→ WORK TO COMPLETE
Exactly as they appear below, repeat the lines from the one with "Extrusion 12, solid, material" through the one with "arc (777.97, -107.539)", and no others.

Records from a dataset

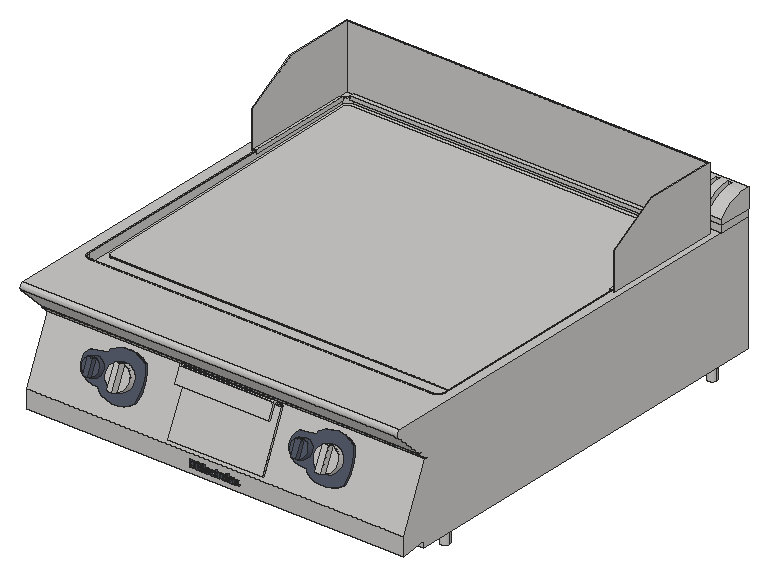
Revit family "QF_ELECTROLUXPROFESSIONAL_391586_E9IIDTAOMEI", category Attrezzature speciali, Revit 2018
Family settings
  Quota connettore circolare = Usa diametro
  Tipo di parte = Normale
  Basato su piano di lavoro = No
  Sempre verticale = Sì
  Taglio con vuoti quando caricato = No
  Condiviso = No
  Punto di calcolo locali = No
Parameters (values of type "Standard")
  Weight = 105.00 kg
  Watts = 0 W
  Volts = 0 V
  URL Manufacturer = "https://www.electroluxprofessional.com/"
  URL = "https://www.electroluxprofessional.com/"
  Steam Supply Size = 0"
  Steam Supply Minimum Pressure = 0.00 psi
  Steam Supply Maximum Pressure = 0.00 psi
  Steam Consumption per Hour = 0
  Show Logo [instance] = yes
  Show Clearance [instance] = yes
  Refrigeration Suction Line Size = 0 mm
  Refrigeration Liquid Line Size = 0 mm
  Refrigerant Compressor Remote = yes
  Phase = 0
  Modello = "E9IIDTAOMEI"
  Produttore = "Electrolux Professional"
  Length Actual = 800 mm  # constant formula
  Item Number = "391586"
  Hot Water Size = 0"
  Height Actual = 250 mm  # constant formula
  HP = "0 HP"
  Gas Size = 1/2"
  Gas KW = 20
  Gas Input Pressure = 0.672036 Btu/h
  Direct Waste Size = 0"
  Descrizione = "GAS FRY TOP POLISHED CHROME SMOOTH SLOPED PLATE 800MM - QMARK"
  Depth Actual = 930 mm  # constant formula
  Cycle = 0 Hz
  Condensate Return Size = 0"
  Compressed Air Volume = 0 GPM
  Compressed Air Size = 0"
  Compressed Air Pressure = 0.00 psi
  Cold Water Size = 0"
  Accessory = yes
Values of the unnamed type that differ from the named types
  Weight = 0.00 kg
  URL Manufacturer = ""
  Item Number = ""
  HP = ""
  Gas KW = 0
  Gas Input Pressure = 0.0 Btu/h
Reference planes
  plane 1 "BACK": y = 0
  plane 2: z = 0
  plane 3 "LEFT": x = 0
  plane 4 "RIGHT": x = 800
  plane 5 "FRONT": y = -930
  plane 6 "TOP": z = 275
  plane 7 "Center Y": x = 400
  plane 8 "Center X": y = -465
  plane 9: y = -1045
  plane 10: z = 24
  plane 11: z = 290
  plane 12: x = 748
  plane 13: z = 410
  plane 14: x = 11
  plane 15: x = 788.888
Forms (mm)
  Extrusion 1, solid, material "QF_Finishes_Stainless Steel"
    sketch origin (0, 0, 0) x (0, 1, 0) y (0, 0, 1)
      loop
        line (0, 275) -> (-922.686, 275)
        arc (-922.686, 275) -> (-929.443, 270.485) -> (-927.858, 262.514) r 7.314
        line (-927.858, 262.514) -> (-873.907, 208.563) -> (-865.773, 208.563) -> (-865.773, 206.447) -> (-871.79, 206.447) -> (-858.907, 193.563) -> (-850.773, 193.563) -> (-850.773, 191.447) -> (-856.79, 191.447) -> (-913.146, 69.003) -> (-913.146, 30.903) -> (-859.774, 36.513) -> (-859.774, 24) -> (0, 24) -> (0, 275)
    from 0 to 800
  Extrusion 2, solid, material "QF_Finishes_Stainless Steel"
    sketch origin (0, 0, 0) x (1, 0, 0) y (0, 1, 0)
      loop
        circle (11, -82) r 9.525
      loop
        circle (11, -790) r 9.525
      loop
        circle (789, -82) r 9.525
      loop
        circle (789, -790) r 9.525
    from 0 to 24
  Extrusion 3, solid, material "QF_Finishes_Stainless Steel"
    sketch origin (0, 0, 0.362) x (0, 1, 0) y (0, 0, 1)
      loop
        line (0, 289.638) -> (0, 331.738)
        arc (0, 331.738) -> (-38.857, 324.552) -> (-69.85, 300.038) r 82.056
        line (-69.85, 300.038) -> (-69.85, 289.638) -> (0, 289.638)
    from 0 to 400.05
  Extrusion 4, void
    sketch origin (0, 0, 275) x (0, -1, 0) y (1, 0, 0)
      loop
        line (6.761, 29.703) -> (63.911, 29.703) -> (63.911, 38.999) -> (6.761, 38.999) -> (6.761, 29.703)
      loop
        line (63.911, 64.487) -> (6.761, 64.487) -> (6.761, 55.191) -> (63.911, 55.191) -> (63.911, 64.487)
      loop
        line (63.911, 89.975) -> (6.761, 89.975) -> (6.761, 80.68) -> (63.911, 80.68) -> (63.911, 89.975)
      loop
        line (63.911, 115.464) -> (6.761, 115.464) -> (6.761, 106.168) -> (63.911, 106.168) -> (63.911, 115.464)
      loop
        line (63.911, 140.952) -> (6.761, 140.952) -> (6.761, 131.656) -> (63.911, 131.656) -> (63.911, 140.952)
      loop
        line (63.911, 166.44) -> (6.761, 166.44) -> (6.761, 157.145) -> (63.911, 157.145) -> (63.911, 166.44)
      loop
        line (63.911, 191.929) -> (6.761, 191.929) -> (6.761, 182.633) -> (63.911, 182.633) -> (63.911, 191.929)
      loop
        line (63.911, 217.417) -> (6.761, 217.417) -> (6.761, 208.121) -> (63.911, 208.121) -> (63.911, 217.417)
      loop
        line (63.911, 242.905) -> (6.761, 242.905) -> (6.761, 233.61) -> (63.911, 233.61) -> (63.911, 242.905)
      loop
        line (63.911, 268.394) -> (6.761, 268.394) -> (6.761, 259.098) -> (63.911, 259.098) -> (63.911, 268.394)
      loop
        line (63.911, 293.882) -> (6.761, 293.882) -> (6.761, 284.586) -> (63.911, 284.586) -> (63.911, 293.882)
      loop
        line (63.911, 319.37) -> (6.761, 319.37) -> (6.761, 310.075) -> (63.911, 310.075) -> (63.911, 319.37)
      loop
        line (63.911, 344.859) -> (6.761, 344.859) -> (6.761, 335.563) -> (63.911, 335.563) -> (63.911, 344.859)
      loop
        line (63.911, 370.347) -> (6.761, 370.347) -> (6.761, 361.051) -> (63.911, 361.051) -> (63.911, 370.347)
    from 25.4 to 63.5
  Extrusion 5, solid, material "QF_Finishes_Stainless Steel"
    sketch origin (400.05, 0, 0.362) x (0, 1, 0) y (0, 0, 1)
      loop
        line (0, 289.638) -> (0, 331.738)
        arc (0, 331.738) -> (-38.857, 324.552) -> (-69.85, 300.038) r 82.056
        line (-69.85, 300.038) -> (-69.85, 289.638) -> (0, 289.638)
    from 0 to 400.05
  Extrusion 6, void
    sketch origin (400.05, 0, 275) x (0, -1, 0) y (1, 0, 0)
      loop
        line (6.761, 29.703) -> (63.911, 29.703) -> (63.911, 38.999) -> (6.761, 38.999) -> (6.761, 29.703)
      loop
        line (63.911, 64.487) -> (6.761, 64.487) -> (6.761, 55.191) -> (63.911, 55.191) -> (63.911, 64.487)
      loop
        line (63.911, 89.975) -> (6.761, 89.975) -> (6.761, 80.68) -> (63.911, 80.68) -> (63.911, 89.975)
      loop
        line (63.911, 115.464) -> (6.761, 115.464) -> (6.761, 106.168) -> (63.911, 106.168) -> (63.911, 115.464)
      loop
        line (63.911, 140.952) -> (6.761, 140.952) -> (6.761, 131.656) -> (63.911, 131.656) -> (63.911, 140.952)
      loop
        line (63.911, 166.44) -> (6.761, 166.44) -> (6.761, 157.145) -> (63.911, 157.145) -> (63.911, 166.44)
      loop
        line (63.911, 191.929) -> (6.761, 191.929) -> (6.761, 182.633) -> (63.911, 182.633) -> (63.911, 191.929)
      loop
        line (63.911, 217.417) -> (6.761, 217.417) -> (6.761, 208.121) -> (63.911, 208.121) -> (63.911, 217.417)
      loop
        line (63.911, 242.905) -> (6.761, 242.905) -> (6.761, 233.61) -> (63.911, 233.61) -> (63.911, 242.905)
      loop
        line (63.911, 268.394) -> (6.761, 268.394) -> (6.761, 259.098) -> (63.911, 259.098) -> (63.911, 268.394)
      loop
        line (63.911, 293.882) -> (6.761, 293.882) -> (6.761, 284.586) -> (63.911, 284.586) -> (63.911, 293.882)
      loop
        line (63.911, 319.37) -> (6.761, 319.37) -> (6.761, 310.075) -> (63.911, 310.075) -> (63.911, 319.37)
      loop
        line (63.911, 344.859) -> (6.761, 344.859) -> (6.761, 335.563) -> (63.911, 335.563) -> (63.911, 344.859)
      loop
        line (63.911, 370.347) -> (6.761, 370.347) -> (6.761, 361.051) -> (63.911, 361.051) -> (63.911, 370.347)
    from 25.4 to 63.5
  Extrusion 7, solid, material "QF_Finishes_Stainless Steel"
    sketch origin (0, 0, 275) x (0, -1, 0) y (1, 0, 0)
      loop
        line (69.85, 0) -> (69.85, 800) -> (0, 800) -> (0, 0) -> (69.85, 0)
    from 0 to 15
  Extrusion 8, solid, material "QF_Finishes_Stainless Steel"
    sketch origin (400.05, -23.977, 1219.2) x (0, 1, 0) y (0, 0, 1)
      loop
        line (-834.228, -1030.828) -> (-850.635, -1014.422)
        arc (-850.635, -1014.422) -> (-855.102, -1013.019) -> (-858.806, -1015.884) r 5.058
        line (-858.806, -1015.884) -> (-871.468, -1043.394) -> (-868.584, -1044.721) -> (-855.922, -1017.211)
        arc (-855.922, -1017.211) -> (-854.543, -1016.145) -> (-852.88, -1016.667) r 1.883
        line (-852.88, -1016.667) -> (-838.037, -1031.51) -> (-888.871, -1141.955) -> (-885.987, -1143.282) -> (-834.228, -1030.828)
    from 100 to -100
  Extrusion 9, solid, material "QF_Door-Drawer Clearances", visible <- "Show Clearance", detail levels coarse
    sketch origin (293.7, -300.974, 0) x (0, 1, 0) y (0, 0, 1)
      loop
        line (-723.739, 174.479) -> (-711.077, 201.989)
        arc (-711.077, 201.989) -> (-709.698, 203.055) -> (-708.035, 202.533) r 1.883
        line (-708.035, 202.533) -> (-693.192, 187.69) -> (-744.026, 77.245) -> (-741.142, 75.918) -> (-608.989, 75.918) -> (-557.231, 188.372) -> (-573.638, 204.778)
        arc (-573.638, 204.778) -> (-574.873, 205.685) -> (-576.323, 206.181) r 5.058
        line (-576.323, 206.181) -> (-710.257, 206.181)
        arc (-710.257, 206.181) -> (-712.461, 205.203) -> (-713.961, 203.316) r 5.058
        line (-713.961, 203.316) -> (-726.623, 175.806) -> (-723.739, 174.479)
    from 6.35 to 206.35
  Extrusion 10, solid, material "QF_Finishes_Stainless Steel"
    sketch origin (0, 0, 0) x (0, 1, 0) y (0, 0, 1)
      loop
        line (-83.39, 410) -> (-235.39, 410) -> (-335.39, 352.265) -> (-335.39, 275) -> (-83.39, 275) -> (-83.39, 410)
    from 15.442 to 17.03
  Extrusion 11, solid, material "QF_Finishes_Stainless Steel"
    sketch origin (800, 0, 0) x (0, -1, 0) y (0, 0, 1)
      loop
        line (83.39, 410) -> (83.39, 275) -> (335.39, 275) -> (335.39, 352.265) -> (235.39, 410) -> (83.39, 410)
    from 15.442 to 17.03
  Extrusion 12, solid, material "QF_Finishes_Stainless Steel"
    sketch origin (635, 190.152, 275) x (0, -1, 0) y (1, 0, 0)
      loop
        line (273.542, 147.97) -> (273.542, -617.97) -> (275.13, -617.97) -> (275.13, 147.97) -> (273.542, 147.97)
    from 0 to 135
  Extrusion 13, void
    sketch origin (0, 0, 275) x (0, -1, 0) y (1, 0, 0)
      loop
        arc (92.539, 37.03) -> (96.932, 26.423) -> (107.539, 22.03) r 15
        line (107.539, 22.03) -> (777.539, 22.03)
        arc (777.539, 22.03) -> (788.145, 26.423) -> (792.539, 37.03) r 15
        line (792.539, 37.03) -> (792.539, 762.97)
        arc (792.539, 762.97) -> (788.145, 773.577) -> (777.539, 777.97) r 15
        line (777.539, 777.97) -> (107.539, 777.97)
        arc (107.539, 777.97) -> (96.932, 773.577) -> (92.539, 762.97) r 15
        line (92.539, 762.97) -> (92.539, 37.03)
    from 0 to -21.588
  Sweep 14, solid, material "QF_Finishes_Stainless Steel"
    path origin (0, 0, 0) x (1, 0, 0) y (0, 1, 0)
      loop
        line (22.03, -107.539) -> (22.03, -777.539)
        arc (22.03, -777.539) -> (26.423, -788.145) -> (37.03, -792.539) r 15
        line (37.03, -792.539) -> (762.97, -792.539)
        arc (762.97, -792.539) -> (773.577, -788.145) -> (777.97, -777.539) r 15
        line (777.97, -777.539) -> (777.97, -107.539)
        arc (777.97, -107.539) -> (773.577, -96.932) -> (762.97, -92.539) r 15
        line (762.97, -92.539) -> (37.03, -92.539)
        arc (37.03, -92.539) -> (26.423, -96.932) -> (22.03, -107.539) r 15
    profile origin (22.03, -442.539, 0) x (1, 0, 0) y (0, 0, 1)
      loop
        line (0, 255) -> (1.588, 255) -> (1.588, 272.855)
        arc (1.588, 272.855) -> (1.147, 274.189) -> (0, 275) r 2.242
        line (0, 275) -> (0, 255)
  Extrusion 15, solid, material "QF_Finishes_Stainless Steel"
    sketch origin (1234.536, -1877.601, 240.53) x (0, 0.999911, 0.013315) y (-1, 0, 0)
      loop
        line (1137.444, 1192.506) -> (1137.444, 476.566)
        spline (1137.444, 476.566) -> (1137.529, 475.26) -> (1137.784, 473.977) -> (1138.205, 472.739) -> (1138.783, 471.566) -> (1139.51, 470.478) -> (1140.372, 469.494) -> (1141.356, 468.632) -> (1142.443, 467.905) -> (1143.616, 467.327) -> (1144.855, 466.906) -> (1146.138, 466.651) -> (1147.443, 466.566)
        line (1147.443, 466.566) -> (1761.703, 466.566)
        spline (1761.703, 466.566) -> (1763.009, 466.651) -> (1764.291, 466.906) -> (1765.53, 467.327) -> (1766.703, 467.905) -> (1767.79, 468.632) -> (1768.774, 469.494) -> (1769.636, 470.478) -> (1770.363, 471.566) -> (1770.941, 472.739) -> (1771.362, 473.977) -> (1771.617, 475.26) -> (1771.702, 476.566)
        line (1771.702, 476.566) -> (1771.702, 1192.506)
        spline (1771.702, 1192.506) -> (1771.617, 1193.812) -> (1771.362, 1195.095) -> (1770.941, 1196.333) -> (1770.363, 1197.506) -> (1769.636, 1198.594) -> (1768.774, 1199.578) -> (1767.79, 1200.44) -> (1766.703, 1201.167) -> (1765.53, 1201.745) -> (1764.291, 1202.166) -> (1763.009, 1202.421) -> (1761.703, 1202.506)
        line (1761.703, 1202.506) -> (1147.443, 1202.506)
        spline (1147.443, 1202.506) -> (1146.138, 1202.421) -> (1144.855, 1202.166) -> (1143.616, 1201.745) -> (1142.443, 1201.167) -> (1141.356, 1200.44) -> (1140.372, 1199.578) -> (1139.51, 1198.594) -> (1138.783, 1197.506) -> (1138.205, 1196.333) -> (1137.784, 1195.095) -> (1137.529, 1193.812) -> (1137.444, 1192.506)
    from 1.6 to 0
  Extrusion 16, solid, material "QF_Finishes_Stainless Steel"
    sketch origin (0, 0, 0) x (1, 0, 0) y (0, 0, 1)
      loop
        line (17.03, 275.856) -> (23.926, 275.856) -> (23.926, 270.856) -> (25.514, 270.856) -> (25.514, 277.444) -> (17.03, 277.444) -> (17.03, 275.856)
      loop
        line (782.97, 275.856) -> (782.97, 277.444) -> (774.486, 277.444) -> (774.486, 270.856) -> (776.074, 270.856) -> (776.074, 275.856) -> (782.97, 275.856)
    from 105.541 to 335.39
  Extrusion 17, solid, material "QF_Finishes_Stainless Steel"
    sketch origin (0, 0, 0) x (0, 1, 0) y (0, 0, 1)
      loop
        line (-94.126, 270.856) -> (-94.126, 275.856) -> (-84.978, 275.856) -> (-84.978, 277.444) -> (-95.714, 277.444) -> (-95.714, 270.856) -> (-94.126, 270.856)
    from 32.03 to 767.97
  Extrusion 18, solid, material "QF_Finishes_Stainless Steel"
    sketch origin (0, -101.6, 24) x (-1, 0, 0) y (0, 1, 0)
      loop
        circle (-748, -562.4) r 6.35
    from 0 to 17
  Extrusion 19, solid, material "QF_Finishes_Navy Blue", visible <- "Show Logo"
    sketch origin (0, -913.146, 30.903) x (0, 0, 1) y (-1, 0, 0)
      loop
        line (25.436, -355.199) -> (13.07, -355.199)
        arc (13.07, -355.199) -> (19.253, -359.77) -> (25.436, -355.199) r 6.467
      loop
        arc (25.436, -354.57) -> (24.267, -349.427) -> (19.612, -346.949) r 6.338
        line (19.612, -346.949) -> (19.612, -348.995)
        arc (19.612, -348.995) -> (21.095, -352.65) -> (24.541, -354.57) r 5.941
        line (24.541, -354.57) -> (25.436, -354.57)
      loop
        arc (13.965, -354.57) -> (17.411, -352.65) -> (18.895, -348.995) r 5.941
        line (18.895, -348.995) -> (18.895, -346.949)
        arc (18.895, -346.949) -> (14.2, -349.423) -> (12.911, -354.57) r 6.504
        line (12.911, -354.57) -> (13.965, -354.57)
      loop
        line (26.111, -346.48) -> (12.367, -346.48) -> (12.367, -360.243) -> (26.111, -360.243) -> (26.111, -346.48)
      loop
        arc (26.195, -363.21) -> (25.847, -362.853) -> (25.48, -363.191) r 0.358
        arc (25.48, -363.191) -> (25.166, -363.941) -> (24.449, -364.326) r 1.216
        line (24.449, -364.326) -> (14.037, -364.326)
        arc (14.037, -364.326) -> (13.377, -364.048) -> (12.981, -363.452) r 1.238
        arc (12.981, -363.452) -> (12.586, -363.201) -> (12.28, -363.555) r 0.358
        line (12.28, -363.555) -> (12.28, -373.434) -> (15.031, -373.434) -> (15.031, -372.537)
        arc (15.031, -372.537) -> (14.122, -371.957) -> (13.667, -370.98) r 1.928
        line (13.667, -370.98) -> (13.667, -368.481)
        arc (13.667, -368.481) -> (13.942, -367.752) -> (14.631, -367.388) r 1.101
        line (14.631, -367.388) -> (18.717, -367.388) -> (18.717, -371.061)
        arc (18.717, -371.061) -> (18.365, -371.558) -> (17.799, -371.786) r 1.083
        arc (17.799, -371.786) -> (17.536, -372.092) -> (17.828, -372.37) r 0.292
        line (17.828, -372.37) -> (20.79, -372.37)
        arc (20.79, -372.37) -> (21.093, -372.097) -> (20.854, -371.767) r 0.305
        arc (20.854, -371.767) -> (20.364, -371.519) -> (20.059, -371.061) r 1.083
        line (20.059, -371.061) -> (20.059, -367.388) -> (24.736, -367.388) -> (24.736, -371.135)
        arc (24.736, -371.135) -> (24.522, -371.891) -> (23.915, -372.389) r 1.314
        arc (23.915, -372.389) -> (23.696, -372.793) -> (24.051, -373.085) r 0.361
        line (24.051, -373.085) -> (26.195, -373.085) -> (26.195, -363.21)
      loop
        arc (25.478, -373.866) -> (25.097, -374.785) -> (24.179, -375.165) r 1.299
        line (24.179, -375.165) -> (14.6, -375.165)
        arc (14.6, -375.165) -> (13.762, -374.787) -> (13.49, -373.909) r 1.118
        line (13.49, -373.909) -> (12.28, -373.909) -> (12.28, -379.259) -> (13.469, -379.259)
        arc (13.469, -379.259) -> (13.74, -378.342) -> (14.61, -377.946) r 1.153
        line (14.61, -377.946) -> (26.683, -377.946) -> (25.478, -373.866)
      loop
        line (17.245, -381.895) -> (17.245, -388.342) -> (18.044, -388.342)
        arc (18.044, -388.342) -> (20.625, -387.358) -> (21.893, -384.904) r 3.874
        line (21.893, -384.904) -> (21.893, -383.144)
        arc (21.893, -383.144) -> (20.707, -380.279) -> (17.842, -379.093) r 4.051
        line (17.842, -379.093) -> (15.834, -379.093)
        arc (15.834, -379.093) -> (13.016, -380.578) -> (11.964, -383.585) r 4.352
        arc (11.964, -383.585) -> (12.328, -386.048) -> (13.706, -388.122) r 5.713
        line (13.706, -388.122) -> (14.655, -388.122)
        arc (14.655, -388.122) -> (13.922, -386.553) -> (13.706, -384.835) r 5.579
        arc (13.706, -384.835) -> (14.5, -382.872) -> (16.379, -381.895) r 3.057
        line (16.379, -381.895) -> (17.245, -381.895)
      loop
        line (18.504, -381.895) -> (18.504, -385.477)
        arc (18.504, -385.477) -> (19.961, -385.524) -> (20.844, -384.365) r 1.59
        line (20.844, -384.365) -> (20.844, -383.535)
        arc (20.844, -383.535) -> (19.98, -382.28) -> (18.504, -381.895) r 2.184
      loop
        arc (21.295, -397.76) -> (21.784, -396.086) -> (21.942, -394.349) r 9.023
        line (21.942, -394.349) -> (21.942, -392.987)
        arc (21.942, -392.987) -> (20.782, -390.187) -> (17.983, -389.027) r 3.959
        line (17.983, -389.027) -> (15.382, -389.027)
        arc (15.382, -389.027) -> (13.101, -390.32) -> (11.983, -392.693) r 4.331
        line (11.983, -392.693) -> (11.983, -394.828)
        arc (11.983, -394.828) -> (12.492, -396.378) -> (13.413, -397.724) r 5.772
        arc (13.413, -397.724) -> (14.175, -397.775) -> (14.261, -397.016) r 0.553
        arc (14.261, -397.016) -> (13.874, -396.282) -> (13.74, -395.463) r 2.573
        line (13.74, -395.463) -> (13.74, -393.948)
        arc (13.74, -393.948) -> (14.746, -392.306) -> (16.56, -391.664) r 2.884
        line (16.56, -391.664) -> (17.839, -391.664)
        arc (17.839, -391.664) -> (19.66, -392.224) -> (20.587, -393.889) r 2.554
        line (20.587, -393.889) -> (20.587, -394.942)
        arc (20.587, -394.942) -> (20.255, -395.87) -> (19.598, -396.605) r 2.564
        arc (19.598, -396.605) -> (19.377, -397.322) -> (19.986, -397.76) r 0.643
        line (19.986, -397.76) -> (21.295, -397.76)
      loop
        line (20.277, -398.03) -> (20.277, -399.531) -> (14.229, -399.531)
        arc (14.229, -399.531) -> (12.641, -400.189) -> (11.983, -401.777) r 2.246
        line (11.983, -401.777) -> (11.983, -403.361)
        arc (11.983, -403.361) -> (12.297, -404.225) -> (12.798, -404.997) r 4.06
        arc (12.798, -404.997) -> (13.53, -405.13) -> (13.782, -404.429) r 0.576
        arc (13.782, -404.429) -> (13.676, -403.903) -> (13.74, -403.371) r 1.69
        arc (13.74, -403.371) -> (14.281, -402.583) -> (15.188, -402.28) r 1.506
        line (15.188, -402.28) -> (20.326, -402.28) -> (20.326, -404.677) -> (20.882, -405.233) -> (21.704, -405.233) -> (21.704, -402.374) -> (24.935, -402.374) -> (20.277, -398.03)
      loop
        line (12.201, -406.131) -> (12.201, -411.518) -> (13.311, -411.518)
        arc (13.311, -411.518) -> (13.705, -410.567) -> (14.656, -410.173) r 1.345
        line (14.656, -410.173) -> (18.272, -410.173)
        arc (18.272, -410.173) -> (19.037, -410.765) -> (19.326, -411.687) r 1.615
        line (19.326, -411.687) -> (19.326, -413.243) -> (21.882, -413.928) -> (21.882, -412.545) -> (19.939, -409.986) -> (21.82, -409.986) -> (21.535, -407.28)
        arc (21.535, -407.28) -> (21.096, -406.75) -> (20.437, -406.951) r 0.621
        arc (20.437, -406.951) -> (20.036, -407.293) -> (19.542, -407.476) r 1.501
        line (19.542, -407.476) -> (14.656, -407.476)
        arc (14.656, -407.476) -> (13.705, -407.082) -> (13.311, -406.131) r 1.345
        line (13.311, -406.131) -> (12.201, -406.131)
      loop
        line (18.303, -413.465) -> (15.61, -413.465)
        arc (15.61, -413.465) -> (13.165, -414.773) -> (12.031, -417.303) r 4.288
        arc (12.031, -417.303) -> (11.968, -418.684) -> (12.031, -420.064) r 15.022
        arc (12.031, -420.064) -> (13.165, -422.595) -> (15.61, -423.902) r 4.288
        line (15.61, -423.902) -> (18.303, -423.902)
        arc (18.303, -423.902) -> (20.748, -422.595) -> (21.882, -420.064) r 4.288
        arc (21.882, -420.064) -> (21.946, -418.684) -> (21.882, -417.303) r 15.022
        arc (21.882, -417.303) -> (20.748, -414.773) -> (18.303, -413.465) r 4.288
      loop
        line (18.507, -416.579) -> (15.406, -416.579)
        arc (15.406, -416.579) -> (13.249, -418.736) -> (15.406, -420.893) r 2.157
        line (15.406, -420.893) -> (18.507, -420.893)
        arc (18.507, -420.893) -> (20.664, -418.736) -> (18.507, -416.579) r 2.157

→ EXERCISE RESPONSE
  Extrusion 12, solid, material "QF_Finishes_Stainless Steel"
    sketch origin (635, 190.152, 275) x (0, -1, 0) y (1, 0, 0)
      loop
        line (273.542, 147.97) -> (273.542, -617.97) -> (275.13, -617.97) -> (275.13, 147.97) -> (273.542, 147.97)
    from 0 to 135
  Extrusion 13, void
    sketch origin (0, 0, 275) x (0, -1, 0) y (1, 0, 0)
      loop
        arc (92.539, 37.03) -> (96.932, 26.423) -> (107.539, 22.03) r 15
        line (107.539, 22.03) -> (777.539, 22.03)
        arc (777.539, 22.03) -> (788.145, 26.423) -> (792.539, 37.03) r 15
        line (792.539, 37.03) -> (792.539, 762.97)
        arc (792.539, 762.97) -> (788.145, 773.577) -> (777.539, 777.97) r 15
        line (777.539, 777.97) -> (107.539, 777.97)
        arc (107.539, 777.97) -> (96.932, 773.577) -> (92.539, 762.97) r 15
        line (92.539, 762.97) -> (92.539, 37.03)
    from 0 to -21.588
  Sweep 14, solid, material "QF_Finishes_Stainless Steel"
    path origin (0, 0, 0) x (1, 0, 0) y (0, 1, 0)
      loop
        line (22.03, -107.539) -> (22.03, -777.539)
        arc (22.03, -777.539) -> (26.423, -788.145) -> (37.03, -792.539) r 15
        line (37.03, -792.539) -> (762.97, -792.539)
        arc (762.97, -792.539) -> (773.577, -788.145) -> (777.97, -777.539) r 15
        line (777.97, -777.539) -> (777.97, -107.539)
        arc (777.97, -107.539) -> (773.577, -96.932) -> (762.97, -92.539) r 15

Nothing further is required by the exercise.